Mark Godfrey posted on August 16, 2007 08:31
Maybe it was all the thunder and lightning which scared and soaked the festival site Thursday and Friday that drove the crow legged Rastafarian to stumble along in the post-storm mud in what could only be his girlfriend’s pink knickers. He was tame however compared to the Italian who took it all off and stumbled around the muck and pools of rainwater near the main stage, taking mad runs at screeching girls and his mortified friends, his penis swinging in the wind.
Not officially nudist, Sziget is nonetheless one of the best natural locations in the world for a rock festival, an island on the outskirts of one of Europe's finest looking cities. The line up at Sziget 2007 in Budapest (taking place from Aug 8 to 14) isn’t bad either. Sinead O’Connor shares a main-stage bill with The Killers, Nine Inch Nails and Chris Cornell as well as Brits like Razorlight and The Rakes to play in front of 60,000 festival goers, many of whom arrive by a ferry up the Danube.
Maybe the best value of the whole week-long festival are the few dozen Roma gypsy bands who travel from the Hungarian hinterlands, Romania and the Balkans to play. No other rock festival can boast such a strong world music line up, and that's thanks in part to the world music lable Putumayo, which brought the gypsy bands to a special Roma stage on the festival site. A big name on any world music rankings, Romania's Fanfare Ciocarlia pulled a bigger and more boisterous crowd on the World Music stage than several of the western groups playing the main stage.
Sziget is more established and laid-back hippy than many among the dozens of more opportunistic recent arrivals to Europe’s festival scene. It started in 1993 as a way for Hungarians to party off the traumas of a post-war era of totalitarian socialist rule. In the hometown of classical greats like Franz Liszt, the event is starting to pull really big name rock to its main stage. There's plenty of local talent to fill the other 20 stages offering world music, jazz, blues, electronica and lots of other stuff that's not easily categorized. Promising magicians compete for attention with mind-bendingly sexy belly dancers from Turkey who perform in a giant tea tent of hookahs and tea.
Like most everywhere else there's punks and drunks littered around the main entrance who can't afford to come in. Just as well because you have to leave all bottles at the gate - Coca Cola is a major sponsor. The festival has moved on from its hippy origins. ATM machines around the site make it easy for a few hundred stalls to sell. Sziget organizers have everything covered, including a branch of Hungary Post allows festival goers to greet the folks at home.

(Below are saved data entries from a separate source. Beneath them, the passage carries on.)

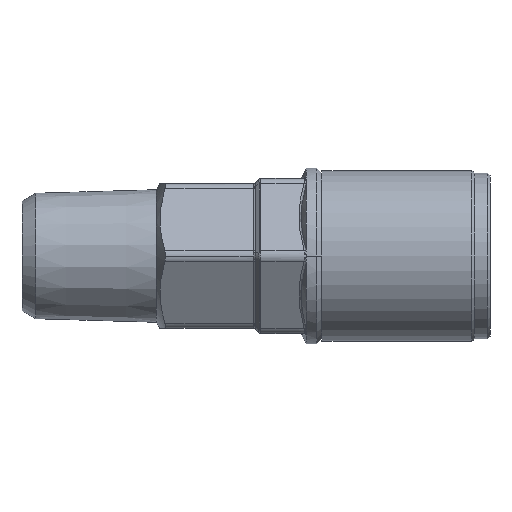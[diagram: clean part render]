
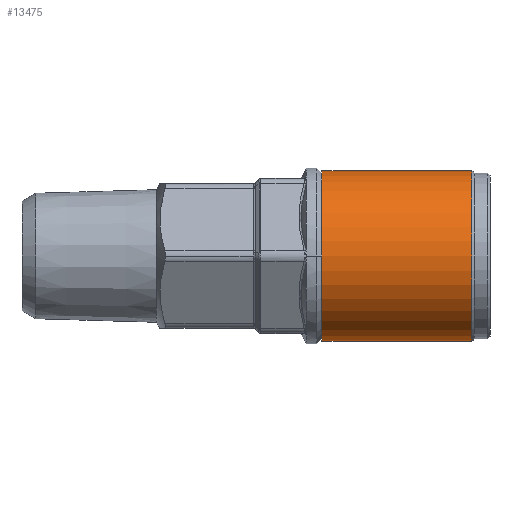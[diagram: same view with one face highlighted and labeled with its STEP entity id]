
A CAD part, front view. The second image highlights one B-rep face of the part: STEP entity #13475.
In plain terms, the highlighted cylindrical face has radius 8.25 mm (diameter 16.5 mm), a partial arc.
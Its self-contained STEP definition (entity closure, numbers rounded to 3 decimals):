
#591 = DIRECTION ( 'NONE',  ( -1., 0., 0. ) ) ;
#712 = VERTEX_POINT ( 'NONE', #17439 ) ;
#1856 = DIRECTION ( 'NONE',  ( 0., 0., -1. ) ) ;
#2051 = VERTEX_POINT ( 'NONE', #6153 ) ;
#2535 = VECTOR ( 'NONE', #591, 1000. ) ;
#3108 = VECTOR ( 'NONE', #7319, 1000. ) ;
#3678 = ORIENTED_EDGE ( 'NONE', *, *, #20332, .T. ) ;
#3704 = LINE ( 'NONE', #5640, #3108 ) ;
#4504 = EDGE_LOOP ( 'NONE', ( #6027, #3678, #18888, #10735 ) ) ;
#4735 = CARTESIAN_POINT ( 'NONE',  ( 8.93, 0., 0. ) ) ;
#5640 = CARTESIAN_POINT ( 'NONE',  ( 8.93, 0., -8.25 ) ) ;
#6027 = ORIENTED_EDGE ( 'NONE', *, *, #13618, .T. ) ;
#6087 = CARTESIAN_POINT ( 'NONE',  ( 28.68, 0., 8.25 ) ) ;
#6153 = CARTESIAN_POINT ( 'NONE',  ( 14.18, 0., -8.25 ) ) ;
#6636 = DIRECTION ( 'NONE',  ( 0., 0., -1. ) ) ;
#7319 = DIRECTION ( 'NONE',  ( -1., 0., 0. ) ) ;
#8621 = CIRCLE ( 'NONE', #19097, 8.25 ) ;
#8756 = EDGE_CURVE ( 'NONE', #14568, #2051, #3704, .T. ) ;
#8846 = DIRECTION ( 'NONE',  ( -1., 0., 0. ) ) ;
#10405 = CARTESIAN_POINT ( 'NONE',  ( 28.68, 0., -8.25 ) ) ;
#10735 = ORIENTED_EDGE ( 'NONE', *, *, #8756, .F. ) ;
#12144 = CIRCLE ( 'NONE', #17769, 8.25 ) ;
#12555 = DIRECTION ( 'NONE',  ( -1., 0., 0. ) ) ;
#13015 = CYLINDRICAL_SURFACE ( 'NONE', #20693, 8.25 ) ;
#13229 = EDGE_CURVE ( 'NONE', #2051, #712, #8621, .T. ) ;
#13475 = ADVANCED_FACE ( 'NONE', ( #19506 ), #13015, .T. ) ;
#13618 = EDGE_CURVE ( 'NONE', #14568, #15642, #12144, .T. ) ;
#14568 = VERTEX_POINT ( 'NONE', #10405 ) ;
#15064 = CARTESIAN_POINT ( 'NONE',  ( 8.93, 0., 8.25 ) ) ;
#15642 = VERTEX_POINT ( 'NONE', #6087 ) ;
#17439 = CARTESIAN_POINT ( 'NONE',  ( 14.18, 0., 8.25 ) ) ;
#17769 = AXIS2_PLACEMENT_3D ( 'NONE', #19574, #8846, #21458 ) ;
#18888 = ORIENTED_EDGE ( 'NONE', *, *, #13229, .F. ) ;
#19097 = AXIS2_PLACEMENT_3D ( 'NONE', #23481, #12555, #1856 ) ;
#19506 = FACE_OUTER_BOUND ( 'NONE', #4504, .T. ) ;
#19574 = CARTESIAN_POINT ( 'NONE',  ( 28.68, 0., 0. ) ) ;
#20332 = EDGE_CURVE ( 'NONE', #15642, #712, #21138, .T. ) ;
#20693 = AXIS2_PLACEMENT_3D ( 'NONE', #4735, #20881, #6636 ) ;
#20881 = DIRECTION ( 'NONE',  ( -1., 0., 0. ) ) ;
#21138 = LINE ( 'NONE', #15064, #2535 ) ;
#21458 = DIRECTION ( 'NONE',  ( 0., 0., -1. ) ) ;
#23481 = CARTESIAN_POINT ( 'NONE',  ( 14.18, 0., 0. ) ) ;
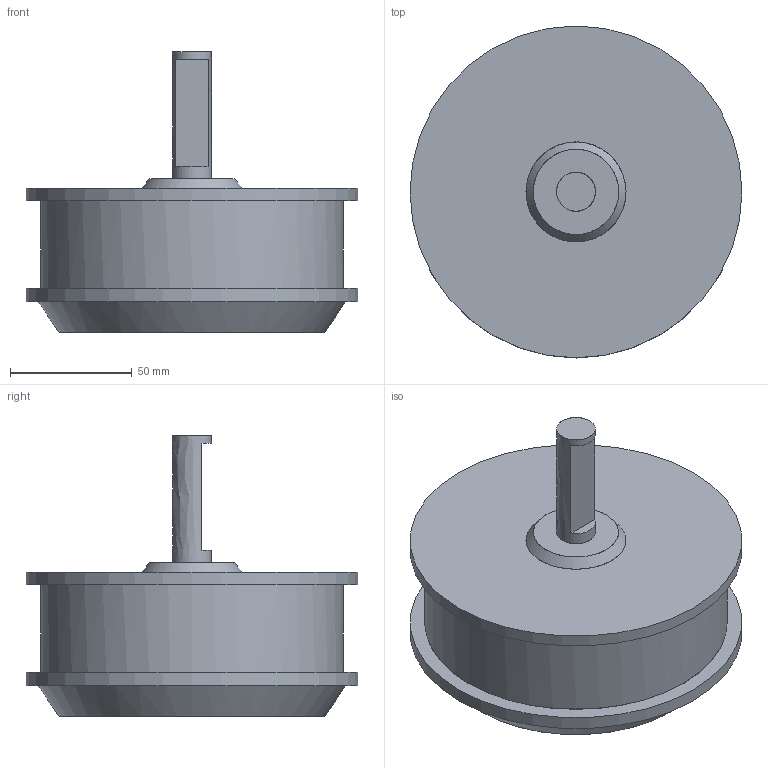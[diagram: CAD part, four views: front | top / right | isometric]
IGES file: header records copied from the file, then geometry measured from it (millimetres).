
Global section: file name: Filename.iges; native system: Open CASCADE 7.5; preprocessor: Open CASCADE IGES processor 7.5; date: 20211123.175517; units: millimetre
Bounding box: 136 x 136 x 115 mm (x, y, z)
Surface area: 59023.9 mm2 (no closed solid volume)
Topology: 0 solids, 0 shells, 35 faces, 155 edges, 141 vertices
Faces by surface type: plane 20, revolution 15

There's no shortage of t-shirt stalls but the invisibility of security– try finding someone who can tell you where the exit is when you’re tired – allowed some of the inebriated to go stark naked mad. Others were better covered. A grandly sized EU tent had the most comfortable couches south of backstage. There was more than the rain to tempt festival goers onto the deep blue couches. Like free pens and balloons - you have to do a quiz to get an umbrella. Outside beefy men in yellow impermeables power hose the loos. Inside local thinkers and polticians debate the cuntry's issues with youngsters and their musical heroes.
Next door in this "Civic area" of tents the country's culture ministry try to engage youth on the country's parliamentary process by offering pens, mugs and t-shirts. Given that they're emblazoned with a print of the parliament, one of the city's finest looking buildings - and that's saying something in Budapest - the maroon coloured t-shirts are worth having, if you can answer enough questions about the Hungarian political system.
Socialist sports rain down on the Sziget site too. Anyone bored by the music can play table tennis, for free. Budapest is a dream festival town, something to thank socialist egalitarianism for. Great public transport and millions of square metres of accommodation in this town were built by the socialists – the underground system is an identikit of its deep-bellied counterpart in Moscow, Pyongyang and everywhere else Soviet engineers took their trade. There's plenty of traces of the old communist era in the shop signs and proletarian looking old signs for state-owned restaurants and shoes shops which have faded into the decorous, unpainted facades of downtown buildings.
With sights like that this city doesn't need a festival to bring backpackers in. Yet caretakers and housekeepers of the graceful old tenements built during the Austro-Hungarian empire hang out with clipboards at Keleti train station to spot anyone loading a backpack, rasta hats and faded Guns n Roses t-shirt. Others just camp.